Председатель достал смятую пачку «Севера», закурил, протянул пачку Егору, но тот отказался.
— В общем, Егор, что тут присоветуешь? Тебе виднее. Надумал бросать — бросай, я тебя неволить не стану. Работу мы тебе найдем, чай, косить и пахать не разучился. А насчет охоты я тебе давно хотел сказать: и что ты в ней хорошего нашел? Что война, что охота — убийство одно, и ничего больше. Некоторые говорят: подумаешь, зайца застрелил. А заяц жить не хочет? Все хотят. Кровь-то, Егор, у всех одна, и у всех красная. Хоть нас с тобой возьми, хоть лягушку какую. А почему красная? Доктора говорят: шарики в ней, мол, красные плавают. Может, и плавают, не видел. А по-моему, потому и красная, чтобы проливать было страшно. Была б зеленая, скажем, или синяя — ну и что? Чернила и чернила, и ничего такого. А вот когда красная, тогда и страшно. Ты вот на войне не был, не видел, как из человека-то кровь льется. И не дай бог видеть. А что говорят, будто привыкают, — врут это, Егор. Нельзя к такому привыкнуть.

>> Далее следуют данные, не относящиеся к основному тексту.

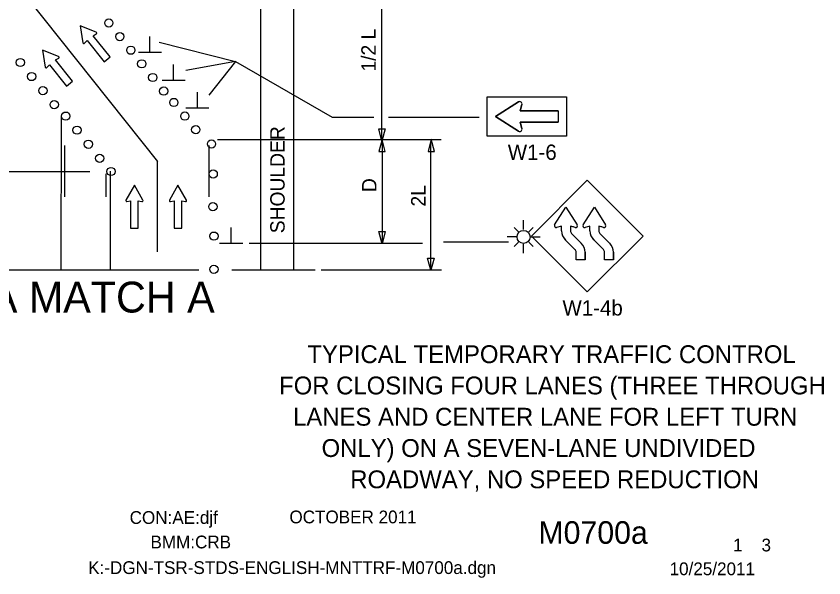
# Model space of a CAD drawing. Extents: x 16038 to 19504, y 5920 to 8321.
# Drawn here: x 17035.6 to 17427.9, y 7218.1 to 7491.1 of the extents above; entities that cross this region are included whole.
import ezdxf

# ---------------------------------------------------------------- set-up
doc = ezdxf.new("R2010")
doc.units = 0
for name, color, linetype in [('ALI_LEGAL_EX', 7, 'Continuous'), ('BORDER', 7, 'Continuous'), ('BORDER_SIGNAL_WO', 7, 'Continuous'), ('MT_SCRATCH_LEVEL_E', 7, 'Continuous'), ('PAVT_EDGE_EX', 7, 'Continuous'), ('TRAFFIC_SIGNS_PR', 7, 'Continuous'), ('TYPICAL_TEXT_DIMEN_PR', 7, 'Continuous')]:
    doc.layers.add(name, color=color, linetype=linetype)

msp = doc.modelspace()

# ---------------------------------------------------------------- linework, layer by layer
at = {"layer": 'ALI_LEGAL_EX'}
for points in [[(17059.25, 7403.26), (17059.25, 7428.26)], [(17129.25, 7403.26), (17129.25, 7428.26)], [(17104.19, 7376.61), (17104.15, 7420.48)], [(17079.25, 7403.26), (17079.25, 7414.37)]]:
    msp.add_lwpolyline(points, dxfattribs=at)
at = {"layer": 'BORDER'}
msp.add_line((17289.25, 7291.25), (17289.25, 7291.25), dxfattribs=at)
at = {"layer": 'MT_SCRATCH_LEVEL_E'}
for p, q in [((17066.68, 7486.33), (17068.02, 7478.11)), ((17074.45, 7483.29), (17066.68, 7486.33)), ((17066.68, 7486.33), (17068.02, 7478.11)), ((17074.45, 7483.29), (17066.68, 7486.33)), ((17072.93, 7481.59), (17074.51, 7482.46)), ((17072.93, 7481.59), (17074.51, 7482.46)), ((17081.24, 7471.26), (17072.93, 7481.59)), ((17081.24, 7471.26), (17072.93, 7481.59)), ((17068.83, 7477.88), (17070.01, 7479.24)), ((17068.83, 7477.88), (17070.01, 7479.24)), ((17070.01, 7479.24), (17078.33, 7468.91)), ((17070.01, 7479.24), (17078.33, 7468.91)), ((17048.4, 7474.52), (17049.74, 7466.31)), ((17056.17, 7471.48), (17048.4, 7474.52)), ((17048.4, 7474.52), (17049.74, 7466.31)), ((17056.17, 7471.48), (17048.4, 7474.52)), ((17054.64, 7469.78), (17056.22, 7470.65)), ((17054.64, 7469.78), (17056.22, 7470.65)), ((17062.96, 7459.45), (17054.64, 7469.78)), ((17062.96, 7459.45), (17054.64, 7469.78)), ((17078.33, 7468.91), (17081.24, 7471.26)), ((17078.33, 7468.91), (17081.24, 7471.26)), ((17050.54, 7466.07), (17051.73, 7467.44)), ((17050.54, 7466.07), (17051.73, 7467.44)), ((17051.73, 7467.44), (17060.04, 7457.11)), ((17051.73, 7467.44), (17060.04, 7457.11)), ((17060.04, 7457.11), (17062.96, 7459.45)), ((17060.04, 7457.11), (17062.96, 7459.45)), ((17093.01, 7408.96), (17088.9, 7401.72)), ((17093.01, 7408.96), (17088.9, 7401.72)), ((17097.16, 7401.72), (17093.01, 7408.96)), ((17097.16, 7401.72), (17093.01, 7408.96)), ((17114.15, 7408.96), (17110.04, 7401.72)), ((17114.15, 7408.96), (17110.04, 7401.72)), ((17118.3, 7401.72), (17114.15, 7408.96)), ((17118.3, 7401.72), (17114.15, 7408.96)), ((17089.38, 7401.03), (17091.16, 7401.35)), ((17089.38, 7401.03), (17091.16, 7401.35)), ((17091.16, 7401.35), (17091.16, 7388.09)), ((17091.16, 7401.35), (17091.16, 7388.09)), ((17094.9, 7388.09), (17094.9, 7401.35)), ((17094.9, 7401.35), (17096.68, 7401.03)), ((17094.9, 7388.09), (17094.9, 7401.35)), ((17094.9, 7401.35), (17096.68, 7401.03)), ((17110.52, 7401.03), (17112.3, 7401.35)), ((17110.52, 7401.03), (17112.3, 7401.35)), ((17112.3, 7401.35), (17112.3, 7388.09)), ((17112.3, 7401.35), (17112.3, 7388.09)), ((17116.04, 7388.09), (17116.04, 7401.35)), ((17116.04, 7401.35), (17117.82, 7401.03)), ((17116.04, 7388.09), (17116.04, 7401.35)), ((17116.04, 7401.35), (17117.82, 7401.03)), ((17091.16, 7388.09), (17094.9, 7388.09)), ((17091.16, 7388.09), (17094.9, 7388.09)), ((17112.3, 7388.09), (17116.04, 7388.09)), ((17112.3, 7388.09), (17116.04, 7388.09))]:
    msp.add_line(p, q, dxfattribs=at)
for centre, start, end in [((17074.28, 7482.86), 298.877, 68.6139), ((17074.28, 7482.86), 298.877, 68.6139), ((17068.48, 7478.19), 189.2656, 318.8046), ((17068.48, 7478.19), 189.2656, 318.8046), ((17055.99, 7471.05), 298.877, 68.6139), ((17055.99, 7471.05), 298.877, 68.6139), ((17050.19, 7466.39), 189.2656, 318.8046), ((17050.19, 7466.39), 189.2656, 318.8046), ((17089.31, 7401.49), 150.4248, 279.9638), ((17089.31, 7401.49), 150.4248, 279.9638), ((17096.75, 7401.49), 260.0362, 29.7731), ((17096.75, 7401.49), 260.0362, 29.7731), ((17110.45, 7401.49), 150.4248, 279.9638), ((17110.45, 7401.49), 150.4248, 279.9638), ((17117.89, 7401.49), 260.0362, 29.7731), ((17117.89, 7401.49), 260.0362, 29.7731)]:
    msp.add_arc(centre, 0.463, start, end, dxfattribs=at)
at = {"layer": 'PAVT_EDGE_EX'}
for p, q in [((17154.3, 8211.6), (17154.3, 7367.79)), ((17170.3, 8211.6), (17170.3, 7367.79)), ((17057.38, 7441.97), (17057.3, 7367.78)), ((17081.25, 7415.82), (17081.25, 7367.78))]:
    msp.add_line(p, q, dxfattribs=at)
at = {"layer": 'TRAFFIC_SIGNS_PR'}
for p, q in [((17279.56, 7449.38), (17268.4, 7442.28)), ((17280.4, 7445.08), (17281.24, 7448.14)), ((17268.4, 7442.28), (17279.56, 7435.18)), ((17298.8, 7445.08), (17280.4, 7445.08)), ((17298.8, 7445.08), (17298.8, 7439.48)), ((17281.24, 7436.42), (17280.4, 7439.48)), ((17280.4, 7439.48), (17298.8, 7439.48)), ((17285.81, 7384.19), (17312.96, 7411.34)), ((17312.96, 7411.34), (17340.11, 7384.19)), ((17282, 7387.37), (17282, 7391.87)), ((17279.49, 7386.33), (17277.38, 7388.43)), ((17284.51, 7386.33), (17286.62, 7388.43)), ((17278.85, 7383.81), (17274.01, 7383.81)), ((17285.15, 7383.81), (17290.04, 7383.81)), ((17312.96, 7357.03), (17285.81, 7384.19)), ((17310.03, 7380.72), (17305.32, 7385.43)), ((17305.32, 7385.43), (17310.03, 7380.72)), ((17340.11, 7384.19), (17312.96, 7357.03)), ((17323.83, 7380.72), (17319.11, 7385.43)), ((17319.11, 7385.43), (17323.83, 7380.72)), ((17279.49, 7381.3), (17277.38, 7379.19)), ((17282, 7375.85), (17282, 7380.26)), ((17284.51, 7381.3), (17286.62, 7379.19)), ((17306.98, 7377.67), (17302.27, 7382.38)), ((17306.98, 7377.67), (17302.27, 7382.38)), ((17320.78, 7377.67), (17316.06, 7382.38)), ((17320.77, 7377.67), (17316.06, 7382.38)), ((17307.58, 7372.6), (17307.58, 7376.3)), ((17311.9, 7372.6), (17311.9, 7376.3)), ((17321.38, 7372.6), (17321.38, 7376.3)), ((17325.69, 7372.6), (17325.69, 7376.3)), ((17311.9, 7372.6), (17307.58, 7372.6)), ((17325.69, 7372.6), (17321.38, 7372.6))]:
    msp.add_line(p, q, dxfattribs=at)
msp.add_lwpolyline([(17302.8, 7432.68), (17264.4, 7432.68), (17264.4, 7451.88), (17302.8, 7451.88)], close=True, dxfattribs=at)
for points in [[(17279.56, 7435.18), (17268.4, 7442.28), (17279.56, 7449.38)], [(17281.24, 7448.14), (17280.4, 7445.08), (17298.8, 7445.08), (17298.8, 7439.48), (17280.4, 7439.48), (17281.24, 7436.42)], [(17297.11, 7389.71), (17302.59, 7398.32), (17308.07, 7389.71)], [(17297.11, 7389.71), (17302.59, 7398.32), (17308.07, 7389.71)], [(17310.91, 7389.71), (17316.39, 7398.32), (17321.87, 7389.71)], [(17310.91, 7389.71), (17316.39, 7398.32), (17321.87, 7389.71)], [(17300.44, 7386.69), (17300.44, 7389.06), (17298.07, 7388.41)], [(17300.44, 7386.69), (17300.44, 7389.06), (17298.07, 7388.41)], [(17307.11, 7388.41), (17304.75, 7389.06), (17304.76, 7386.76)], [(17307.11, 7388.41), (17306.28, 7388.64), (17304.75, 7389.06), (17304.76, 7386.76)], [(17314.24, 7386.69), (17314.23, 7389.06), (17311.87, 7388.41)], [(17314.24, 7386.69), (17314.23, 7389.06), (17311.87, 7388.41)], [(17320.91, 7388.41), (17318.55, 7389.06), (17318.55, 7386.76)], [(17320.91, 7388.41), (17320.08, 7388.64), (17318.55, 7389.06), (17318.55, 7386.76)], [(17311.9, 7376.3), (17311.9, 7372.6), (17307.58, 7372.6), (17307.58, 7376.3)], [(17325.69, 7376.3), (17325.69, 7372.6), (17321.38, 7372.6), (17321.38, 7376.3)]]:
    msp.add_lwpolyline(points, dxfattribs=at)
for centre, radius in [((17080.58, 7487.78), 2), ((17085.92, 7481.15), 2), ((17091.25, 7474.53), 2), ((17037.57, 7468.56), 2), ((17096.58, 7467.91), 2), ((17043.07, 7461.73), 2), ((17101.92, 7461.28), 2), ((17048.57, 7454.9), 2), ((17107.25, 7454.66), 2), ((17054.07, 7448.07), 2), ((17112.15, 7449.14), 2), ((17059.66, 7442.5), 2), ((17117.48, 7442.51), 2), ((17122.81, 7435.89), 2), ((17065.16, 7435.67), 2), ((17070.66, 7428.84), 2), ((17130.43, 7428.95), 2), ((17076.16, 7422.01), 2), ((17081.63, 7415.6), 2), ((17131.28, 7414.38), 2), ((17131.13, 7398.49), 2), ((17282, 7383.81), 3.15), ((17131.63, 7384.18), 2), ((17131.63, 7368.05), 2)]:
    msp.add_circle(centre, radius, dxfattribs=at)
for centre, radius, start, end in [((17280.16, 7448.44), 1.12, 344.6731, 122.4696), ((17280.16, 7448.44), 1.12, 344.6731, 122.4696), ((17280.16, 7436.13), 1.12, 237.5304, 15.3269), ((17280.16, 7436.13), 1.12, 237.5304, 15.3269), ((17297.84, 7389.25), 0.866, 147.7292, 285.3172), ((17297.84, 7389.25), 0.866, 147.7196, 285.3201), ((17288, 7395.51), 10.8, 327.5335, 327.5431), ((17300.93, 7377.99), 10.8, 105.3192, 105.32), ((17306.61, 7386.76), 1.85, 180, 225.7875), ((17306.61, 7386.76), 1.85, 179.8762, 225.7877), ((17307.34, 7389.24), 0.864, 254.6014, 32.4796), ((17307.34, 7389.24), 0.866, 254.6148, 32.4712), ((17311.64, 7389.25), 0.866, 147.7292, 285.3172), ((17311.64, 7389.25), 0.866, 147.7196, 285.3201), ((17301.8, 7395.51), 10.8, 327.5335, 327.5431), ((17314.72, 7377.99), 10.8, 105.3192, 105.32), ((17320.4, 7386.76), 1.85, 180, 225.7875), ((17320.4, 7386.76), 1.85, 179.8762, 225.7877), ((17321.14, 7389.24), 0.864, 254.6014, 32.4796), ((17321.14, 7389.24), 0.866, 254.6148, 32.4712), ((17306.61, 7386.76), 6.17, 180.6181, 225.7875), ((17306.61, 7386.76), 6.17, 180.6245, 225.2313), ((17320.4, 7386.76), 6.17, 180.6181, 225.7875), ((17320.4, 7386.76), 6.17, 180.6245, 225.2313), ((17305.73, 7376.3), 6.17, 0, 45.7875), ((17305.73, 7376.3), 6.17, 0, 45.7875), ((17305.73, 7376.3), 6.17, 0, 45.7883), ((17319.53, 7376.3), 6.17, 0, 45.7875), ((17319.53, 7376.3), 6.17, 0, 45.7875), ((17319.53, 7376.3), 6.17, 0, 45.7883), ((17305.73, 7376.3), 1.85, 0, 47.628), ((17305.73, 7376.3), 1.85, 0, 45.7875), ((17319.53, 7376.3), 1.85, 0, 47.628), ((17319.53, 7376.3), 1.85, 0, 45.7875)]:
    msp.add_arc(centre, radius, start, end, dxfattribs=at)
at = {"layer": 'TYPICAL_TEXT_DIMEN_PR'}
for p, q in [((17213.25, 7430.79), (17213.25, 7516.27)), ((17035.77, 7506.44), (17104.15, 7420.48)), ((17100.56, 7473.44), (17100.56, 7481.23)), ((17104.99, 7478.44), (17142.15, 7469.03)), ((17106.19, 7473.44), (17094.94, 7473.44)), ((17112.05, 7459.82), (17112.05, 7467.61)), ((17142.15, 7469.03), (17117.98, 7464.69)), ((17142.15, 7469.03), (17129.16, 7452.76)), ((17142.15, 7469.03), (17189.05, 7441.98)), ((17117.67, 7459.82), (17106.42, 7459.82)), ((17123.58, 7446.37), (17123.58, 7454.16)), ((17129.21, 7446.37), (17117.96, 7446.37)), ((17189.05, 7441.98), (17209.26, 7441.98)), ((17216.47, 7441.98), (17260.45, 7441.98)), ((17213.25, 7430.38), (17211.68, 7436.24)), ((17211.68, 7436.24), (17213.25, 7436.24)), ((17213.25, 7436.24), (17214.82, 7436.24)), ((17214.82, 7436.24), (17213.25, 7430.38)), ((17242.07, 7430.93), (17133.44, 7430.9)), ((17213.3, 7431.1), (17211.73, 7425.24)), ((17214.87, 7425.24), (17213.3, 7431.1)), ((17213.4, 7430.27), (17213.4, 7381.08)), ((17237.17, 7431.24), (17235.6, 7425.37)), ((17236.94, 7367.99), (17236.94, 7429.91)), ((17238.74, 7425.37), (17237.17, 7431.24)), ((17211.73, 7425.24), (17213.3, 7425.24)), ((17213.3, 7425.24), (17214.87, 7425.24)), ((17235.6, 7425.37), (17237.17, 7425.37)), ((17237.17, 7425.37), (17238.74, 7425.37)), ((17071.39, 7415.43), (16994.67, 7415.41)), ((17140, 7380.59), (17140, 7388.37)), ((17213.29, 7380.5), (17211.72, 7386.36)), ((17211.72, 7386.36), (17213.29, 7386.36)), ((17213.29, 7386.36), (17214.86, 7386.36)), ((17214.86, 7386.36), (17213.29, 7380.5)), ((17145.62, 7380.59), (17134.37, 7380.59)), ((17232.88, 7380.53), (17148.71, 7380.51)), ((17243.08, 7381.4), (17274.69, 7381.4)), ((17237, 7367.65), (17235.43, 7373.51)), ((17235.43, 7373.51), (17237, 7373.51)), ((17237, 7373.51), (17238.57, 7373.51)), ((17238.57, 7373.51), (17237, 7367.65)), ((16960.07, 7367.78), (17124.22, 7367.78)), ((17140.3, 7367.78), (17180.83, 7367.78)), ((17242.08, 7367.65), (17183.65, 7367.63))]:
    msp.add_line(p, q, dxfattribs=at)

# ---------------------------------------------------------------- texts
at = {"layer": 'BORDER'}
for s, p in [('TYPICAL TEMPORARY TRAFFIC CONTROL', (17177.02, 7322.45)), ('FOR CLOSING FOUR LANES (THREE THROUGH', (17163.29, 7307.25)), ('LANES AND CENTER LANE FOR LEFT TURN', (17170.07, 7292.05)), ('ONLY) ON A SEVEN-LANE UNDIVIDED', (17183.91, 7276.85)), ('ROADWAY, NO SPEED REDUCTION', (17197.83, 7261.64))]:
    msp.add_text(s, height=8.6739, dxfattribs=at).set_placement(p)
at = {"layer": 'BORDER_SIGNAL_WO'}
for s, height, p in [('CON:AE:djf', 6.2, (17090.69, 7244.31)), ('    OCTOBER 2011    ', 6.2, (17159.08, 7244.59)), ('    M0700a   ', 11, (17272.86, 7234.63)), ('BMM:CRB   ', 6.2, (17100.81, 7232.42)), (' 1    3 ', 6.2, (17381.45, 7230.95)), ('K:-DGN-TSR-STDS-ENGLISH-MNTTRF-M0700a.dgn        ', 6.2, (17070.55, 7219.96)), ('10/25/2011    ', 6.2, (17352.93, 7219.38))]:
    msp.add_text(s, height=height, dxfattribs=at).set_placement(p)
at = {"layer": 'TRAFFIC_SIGNS_PR'}
for s, p in [('W1-6', (17274.34, 7421.24)), ('W1-4b', (17300.91, 7345.59))]:
    msp.add_text(s, height=7.44, dxfattribs=at).set_placement(p)
at = {"layer": 'TYPICAL_TEXT_DIMEN_PR'}
for s, p in [('1/2 L', (17210.22, 7464.16)), ('SHOULDER', (17165.98, 7385.57)), ('D', (17210.56, 7405.57)), ('2L', (17234.4, 7398.54))]:
    msp.add_text(s, height=7, rotation=90, dxfattribs=at).set_placement(p)
msp.add_text('A MATCH A', height=15, dxfattribs=at).set_placement((17022.78, 7347.05))

doc.saveas('drawing.dxf')

Егор слушал председателя с удивлением. Никогда не думал, что человек, у которого одних наград сколько, будет говорить так. Ведь четыре года воевал, не раз убивать приходилось, а оказывается, вон все как. А главное, что все было правдой и созвучно с тем, что происходило в душе Егора сейчас. И он не привык к крови, хотя и думал, что привык. Просто одеревенел, что ли, — ведь каждый день только и знал, что стрелял. Он вспомнил, как мальчишкой еще убил первую свою птицу и как смотрел на нее с испугом и удивлением, не веря, что это он лишил ее жизни. Может, всего-то одна дробинка попала птице в грудь, и вся птица была целая, и только пониже зоба на чистых перьях у нее проступала красная капелька крови, и Егор глядел на нее, зачарованный внезапным и непонятным испугом. Это не был тот испуг, который возникает при опасности; его вызвало душевное прикосновение к тому, что было непознанным и запретным и что вдруг открылось воочию, зримо, как будто выстрелом сдернуло некий покров, загораживающий это запретное и тайное.